- PROBLEM TO SOLVE -
What you return must be exactly the lines from the beginning of the material through the line containing "world=origin_with_axes(), true_north=direction((0.0, 1.0)))", both included, and no pictures.

- ENTRIES PROVIDED -
▽

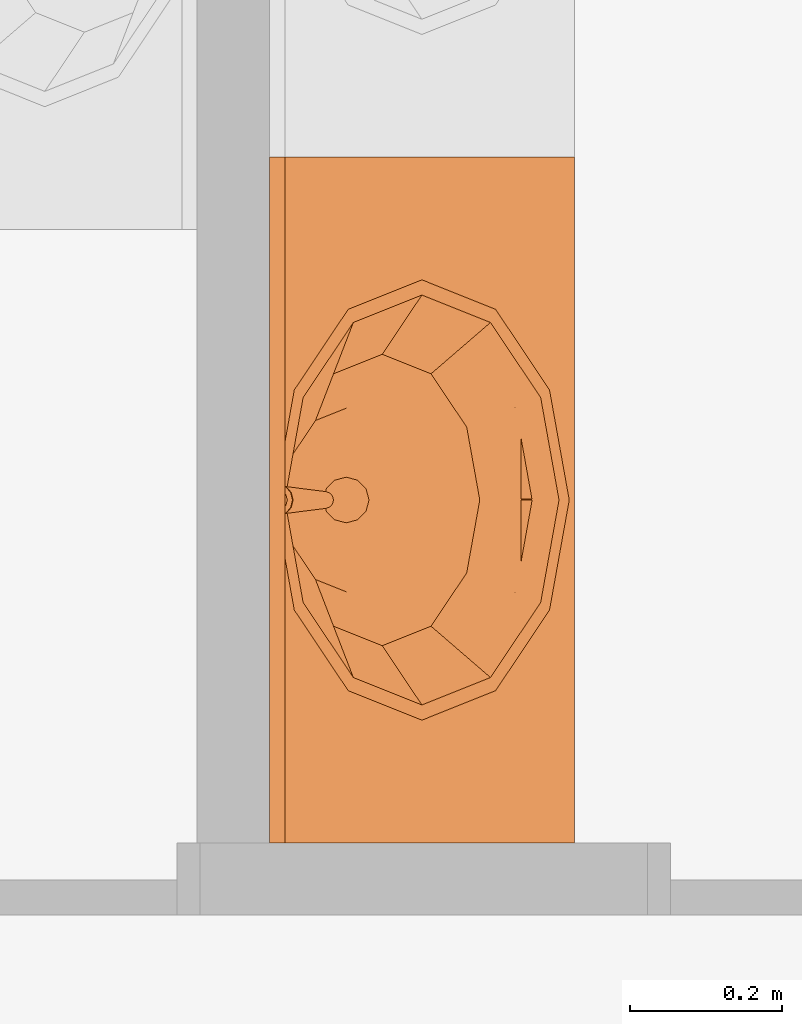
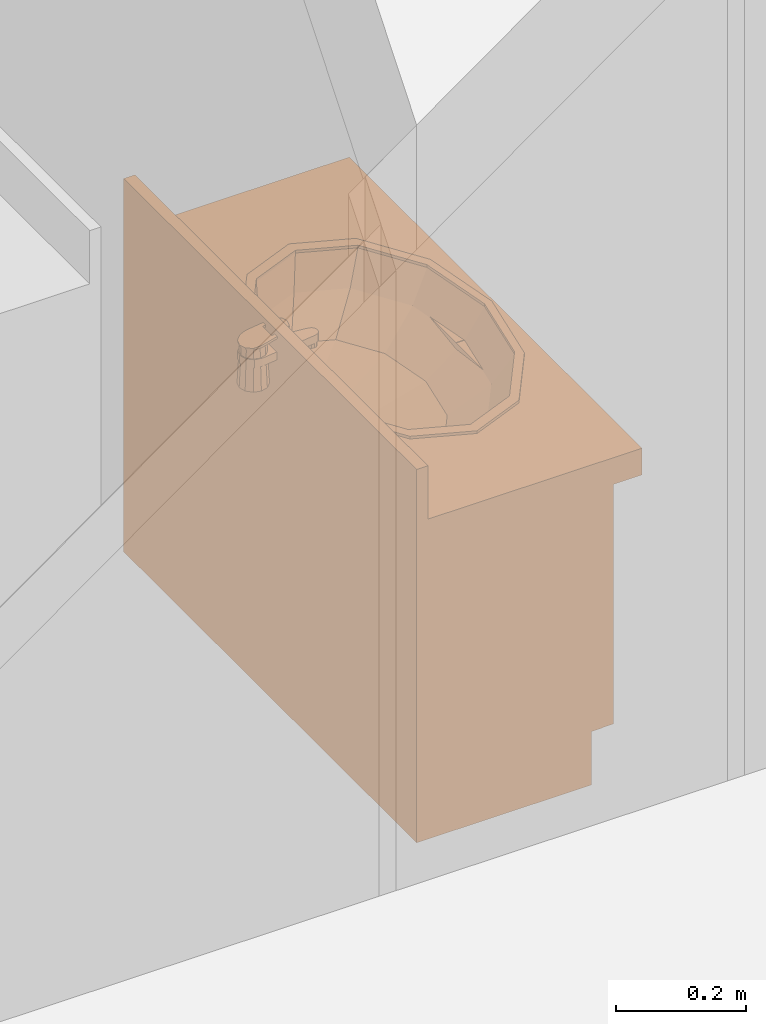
# One storey, part 14 of 17: 1 proxy.
"""IFC2X3 building model written with IfcOpenShell, lengths in millimetres."""

from ifc_helpers import new_model, entity, si_unit, converted_unit, direction, frame, origin_with_axes, place, context, project, spatial, open_shell, faceted_brep, surface_model, material, element, save


model = new_model("IFC2X3")

# Units and contexts
model_context = context("Model", 3, precision=1e-05, world=origin_with_axes(), true_north=direction((0.0, 1.0)))
ifc_project = project(units=[si_unit("LENGTHUNIT", "METRE", prefix="MILLI"), si_unit("AREAUNIT", "SQUARE_METRE"), si_unit("VOLUMEUNIT", "CUBIC_METRE"), converted_unit("PLANEANGLEUNIT", "DEGREE", entity("IfcPlaneAngleMeasure", 0.017453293), si_unit("PLANEANGLEUNIT", "RADIAN"), dimensions=[0, 0, 0, 0, 0, 0, 0]), si_unit("SOLIDANGLEUNIT", "STERADIAN"), si_unit("MASSUNIT", "GRAM"), si_unit("TIMEUNIT", "SECOND"), si_unit("THERMODYNAMICTEMPERATUREUNIT", "DEGREE_CELSIUS"), si_unit("LUMINOUSINTENSITYUNIT", "LUMEN")], contexts=[model_context])

# Site, building, storey
site_placement = place(None, origin_with_axes())
site = spatial("IfcSite", under=ifc_project, at=site_placement, Name="\x83T\x83C\x83g", CompositionType="ELEMENT")
building_placement = place(site_placement, origin_with_axes())
building = spatial("IfcBuilding", under=site, at=building_placement, Name="Daitec-Sample 201208", CompositionType="ELEMENT")
storey_placement = place(building_placement, origin_with_axes())
storey = spatial("IfcBuildingStorey", under=building, at=storey_placement, Name="1F", CompositionType="ELEMENT", Elevation=0.0)

# Proxy
ifc_material = material(Name="\x94w\x8ci")
proxy_placement = place(storey_placement, frame((21445.071, 21395.126, 0.0), z_axis=(0.0, 0.0, 1.0), x_axis=(0.0, 1.0, 0.0)))
element("IfcBuildingElementProxy", 1, at=proxy_placement, inside=storey, material=ifc_material, Name="O2", context=model_context, shape_type="Brep", body=[
    faceted_brep([(0.0, 90.0, 0.0), (0.0, 90.0, 100.0), (-900.0, 90.0, 100.0), (-900.0, 90.0, 0.0), (0.0, 400.0, 0.0), (0.0, 400.0, 100.0), (-900.0, 400.0, 100.0), (-900.0, 400.0, 0.0)], [[[0, 1, 2, 3]], [[4, 5, 1, 0]], [[1, 5, 6, 2]], [[3, 2, 6, 7]], [[0, 3, 7, 4]], [[7, 6, 5, 4]]]),
    faceted_brep([(0.0, 70.0, 100.0), (0.0, 70.0, 120.0), (-20.0, 70.0, 120.0), (-20.0, 70.0, 100.0), (0.0, 400.0, 100.0), (0.0, 400.0, 120.0), (-20.0, 400.0, 120.0), (-880.0, 400.0, 120.0), (-900.0, 400.0, 120.0), (-900.0, 70.0, 120.0), (-880.0, 70.0, 120.0), (-880.0, 70.0, 100.0), (-900.0, 70.0, 100.0), (-900.0, 400.0, 100.0), (-880.0, 400.0, 100.0), (-20.0, 400.0, 100.0)], [[[0, 1, 2, 3]], [[4, 5, 1, 0]], [[1, 5, 6, 7, 8, 9, 10, 2]], [[3, 2, 10, 11]], [[0, 3, 11, 12, 13, 14, 15, 4]], [[15, 6, 5, 4]], [[14, 7, 6, 15]], [[13, 8, 7, 14]], [[12, 9, 8, 13]], [[11, 10, 9, 12]]]),
    faceted_brep([(0.0, 70.0, 120.0), (0.0, 70.0, 550.0), (-20.0, 70.0, 550.0), (-20.0, 70.0, 120.0), (0.0, 400.0, 120.0), (0.0, 400.0, 550.0), (-900.0, 400.0, 550.0), (-900.0, 70.0, 550.0), (-880.0, 70.0, 550.0), (-880.0, 380.0, 550.0), (-20.0, 380.0, 550.0), (-20.0, 380.0, 120.0), (-880.0, 380.0, 120.0), (-880.0, 70.0, 120.0), (-900.0, 70.0, 120.0), (-900.0, 400.0, 120.0)], [[[0, 1, 2, 3]], [[4, 5, 1, 0]], [[1, 5, 6, 7, 8, 9, 10, 2]], [[3, 2, 10, 11]], [[0, 3, 11, 12, 13, 14, 15, 4]], [[15, 6, 5, 4]], [[14, 7, 6, 15]], [[13, 8, 7, 14]], [[12, 9, 8, 13]], [[11, 10, 9, 12]]]),
    faceted_brep([(-880.0, 70.0, 223.33333), (-880.0, 70.0, 243.33333), (-880.0, 380.0, 243.33333), (-880.0, 380.0, 223.33333), (-20.0, 70.0, 223.33333), (-20.0, 70.0, 243.33333), (-20.0, 380.0, 243.33333), (-20.0, 380.0, 223.33333)], [[[0, 1, 2, 3]], [[4, 5, 1, 0]], [[1, 5, 6, 2]], [[3, 2, 6, 7]], [[0, 3, 7, 4]], [[7, 6, 5, 4]]]),
    faceted_brep([(-880.0, 70.0, 366.66667), (-880.0, 70.0, 386.66667), (-880.0, 380.0, 386.66667), (-880.0, 380.0, 366.66667), (-20.0, 70.0, 366.66667), (-20.0, 70.0, 386.66667), (-20.0, 380.0, 386.66667), (-20.0, 380.0, 366.66667)], [[[0, 1, 2, 3]], [[4, 5, 1, 0]], [[1, 5, 6, 2]], [[3, 2, 6, 7]], [[0, 3, 7, 4]], [[7, 6, 5, 4]]]),
    faceted_brep([(0.0, 400.0, 550.0), (0.0, 0.0, 550.0), (-900.0, 0.0, 550.0), (-900.0, 400.0, 550.0), (-683.82686, 110.0, 550.0), (-585.0, 44.115427, 550.0), (-450.0, 20.0, 550.0), (-315.0, 44.115427, 550.0), (-216.17314, 110.0, 550.0), (-180.0, 200.0, 550.0), (-216.17314, 290.0, 550.0), (-315.0, 355.88457, 550.0), (-450.0, 380.0, 550.0), (-585.0, 355.88457, 550.0), (-683.82686, 290.0, 550.0), (-720.0, 200.0, 550.0), (0.0, 400.0, 600.0), (0.0, 0.0, 600.0), (-900.0, 0.0, 600.0), (-900.0, 400.0, 600.0), (-683.82686, 110.0, 600.0), (-585.0, 44.115427, 600.0), (-450.0, 20.0, 600.0), (-315.0, 44.115427, 600.0), (-216.17314, 110.0, 600.0), (-180.0, 200.0, 600.0), (-216.17314, 290.0, 600.0), (-315.0, 355.88457, 600.0), (-450.0, 380.0, 600.0), (-585.0, 355.88457, 600.0), (-683.82686, 290.0, 600.0), (-720.0, 200.0, 600.0)], [[[0, 1, 2, 3], [4, 5, 6, 7, 8, 9, 10, 11, 12, 13, 14, 15]], [[1, 0, 16, 17]], [[2, 1, 17, 18]], [[3, 2, 18, 19]], [[0, 3, 19, 16]], [[20, 21, 5, 4]], [[21, 22, 6, 5]], [[22, 23, 7, 6]], [[23, 24, 8, 7]], [[24, 25, 9, 8]], [[25, 26, 10, 9]], [[26, 27, 11, 10]], [[27, 28, 12, 11]], [[28, 29, 13, 12]], [[29, 30, 14, 13]], [[30, 31, 15, 14]], [[31, 20, 4, 15]], [[18, 17, 16, 19], [24, 23, 22, 21, 20, 31, 30, 29, 28, 27, 26, 25]]]),
    faceted_brep([(0.0, 380.0, 600.0), (0.0, 380.0, 700.0), (-900.0, 380.0, 700.0), (-900.0, 380.0, 600.0), (0.0, 400.0, 600.0), (0.0, 400.0, 700.0), (-900.0, 400.0, 700.0), (-900.0, 400.0, 600.0)], [[[0, 1, 2, 3]], [[4, 5, 1, 0]], [[1, 5, 6, 2]], [[3, 2, 6, 7]], [[0, 3, 7, 4]], [[7, 6, 5, 4]]]),
    faceted_brep([(-739.0, 200.0, 605.0), (-700.28134, 296.69145, 605.0), (-700.28134, 296.69145, 600.0), (-739.0, 200.0, 600.0), (-700.28134, 103.30855, 605.0), (-594.5, 32.525496, 605.0), (-450.0, 6.6171004, 605.0), (-305.5, 32.525496, 605.0), (-199.71866, 103.30855, 605.0), (-161.0, 200.0, 605.0), (-199.71866, 296.69145, 605.0), (-305.5, 367.4745, 605.0), (-450.0, 393.3829, 605.0), (-594.5, 367.4745, 605.0), (-719.0, 200.0, 605.0), (-682.96083, 290.0, 605.0), (-584.5, 355.88457, 605.0), (-450.0, 380.0, 605.0), (-315.5, 355.88457, 605.0), (-217.03917, 290.0, 605.0), (-181.0, 200.0, 605.0), (-217.03917, 110.0, 605.0), (-315.5, 44.115427, 605.0), (-450.0, 20.0, 605.0), (-584.5, 44.115427, 605.0), (-682.96083, 110.0, 605.0), (-594.5, 367.4745, 600.0), (-450.0, 393.3829, 600.0), (-305.5, 367.4745, 600.0), (-199.71866, 296.69145, 600.0), (-161.0, 200.0, 600.0), (-199.71866, 103.30855, 600.0), (-305.5, 32.525496, 600.0), (-450.0, 6.6171004, 600.0), (-594.5, 32.525496, 600.0), (-700.28134, 103.30855, 600.0), (-719.0, 200.0, 600.0), (-682.96083, 110.0, 600.0), (-584.5, 44.115427, 600.0), (-450.0, 20.0, 600.0), (-315.5, 44.115427, 600.0), (-217.03917, 110.0, 600.0), (-181.0, 200.0, 600.0), (-217.03917, 290.0, 600.0), (-315.5, 355.88457, 600.0), (-450.0, 380.0, 600.0), (-584.5, 355.88457, 600.0), (-682.96083, 290.0, 600.0)], [[[0, 1, 2, 3]], [[0, 4, 5, 6, 7, 8, 9, 10, 11, 12, 13, 1], [14, 15, 16, 17, 18, 19, 20, 21, 22, 23, 24, 25]], [[1, 13, 26, 2]], [[3, 2, 26, 27, 28, 29, 30, 31, 32, 33, 34, 35], [36, 37, 38, 39, 40, 41, 42, 43, 44, 45, 46, 47]], [[4, 0, 3, 35]], [[5, 4, 35, 34]], [[6, 5, 34, 33]], [[7, 6, 33, 32]], [[8, 7, 32, 31]], [[9, 8, 31, 30]], [[10, 9, 30, 29]], [[11, 10, 29, 28]], [[12, 11, 28, 27]], [[13, 12, 27, 26]], [[15, 14, 36, 47]], [[16, 15, 47, 46]], [[17, 16, 46, 45]], [[18, 17, 45, 44]], [[19, 18, 44, 43]], [[20, 19, 43, 42]], [[21, 20, 42, 41]], [[22, 21, 41, 40]], [[23, 22, 40, 39]], [[24, 23, 39, 38]], [[25, 24, 38, 37]], [[14, 25, 37, 36]]]),
    surface_model("IfcShellBasedSurfaceModel", [(-450.0, 380.0, 600.0), (-584.5, 355.88457, 600.0), (-571.05, 358.29612, 548.0), (-450.0, 380.0, 548.0), (-682.96083, 290.0, 600.0), (-659.66475, 299.0, 548.0), (-315.5, 355.88457, 600.0), (-328.95, 358.29612, 548.0), (-719.0, 200.0, 600.0), (-692.1, 218.0, 548.0), (-217.03917, 290.0, 600.0), (-240.33525, 299.0, 548.0), (-682.96083, 110.0, 600.0), (-659.66475, 137.0, 548.0), (-181.0, 200.0, 600.0), (-207.9, 218.0, 548.0), (-584.5, 44.115427, 600.0), (-571.05, 77.703885, 548.0), (-217.03917, 110.0, 600.0), (-240.33525, 137.0, 548.0), (-450.0, 20.0, 600.0), (-450.0, 56.0, 548.0), (-315.5, 44.115427, 600.0), (-328.95, 77.703885, 548.0)], [open_shell([[[0, 1, 2, 3]], [[1, 4, 5, 2]], [[6, 0, 3, 7]], [[4, 8, 9, 5]], [[10, 6, 7, 11]], [[8, 12, 13, 9]], [[14, 10, 11, 15]], [[12, 16, 17, 13]], [[18, 14, 15, 19]], [[16, 20, 21, 17]], [[22, 18, 19, 23]], [[20, 22, 23, 21]]])]),
    surface_model("IfcShellBasedSurfaceModel", [(-450.0, 380.0, 548.0), (-571.05, 358.29612, 548.0), (-545.6295, 362.85393, 496.0), (-450.0, 380.0, 496.0), (-659.66475, 299.0, 548.0), (-615.63515, 316.01, 496.0), (-328.95, 358.29612, 548.0), (-354.3705, 362.85393, 496.0), (-692.1, 218.0, 548.0), (-641.259, 252.02, 496.0), (-240.33525, 299.0, 548.0), (-284.36485, 316.01, 496.0), (-659.66475, 137.0, 548.0), (-615.63515, 188.03, 496.0), (-207.9, 218.0, 548.0), (-258.741, 252.02, 496.0), (-571.05, 77.703885, 548.0), (-545.6295, 141.18607, 496.0), (-240.33525, 137.0, 548.0), (-284.36485, 188.03, 496.0), (-450.0, 56.0, 548.0), (-450.0, 124.04, 496.0), (-328.95, 77.703885, 548.0), (-354.3705, 141.18607, 496.0)], [open_shell([[[0, 1, 2, 3]], [[1, 4, 5, 2]], [[6, 0, 3, 7]], [[4, 8, 9, 5]], [[10, 6, 7, 11]], [[8, 12, 13, 9]], [[14, 10, 11, 15]], [[12, 16, 17, 13]], [[18, 14, 15, 19]], [[16, 20, 21, 17]], [[22, 18, 19, 23]], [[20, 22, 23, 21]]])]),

△

- EXPECTED OUTPUT -
# One storey, part 14 of 17: 1 proxy.
"""IFC2X3 building model written with IfcOpenShell, lengths in millimetres."""

from ifc_helpers import new_model, entity, si_unit, converted_unit, direction, frame, origin_with_axes, place, context, project, spatial, open_shell, faceted_brep, surface_model, material, element, save


model = new_model("IFC2X3")

# Units and contexts
model_context = context("Model", 3, precision=1e-05, world=origin_with_axes(), true_north=direction((0.0, 1.0)))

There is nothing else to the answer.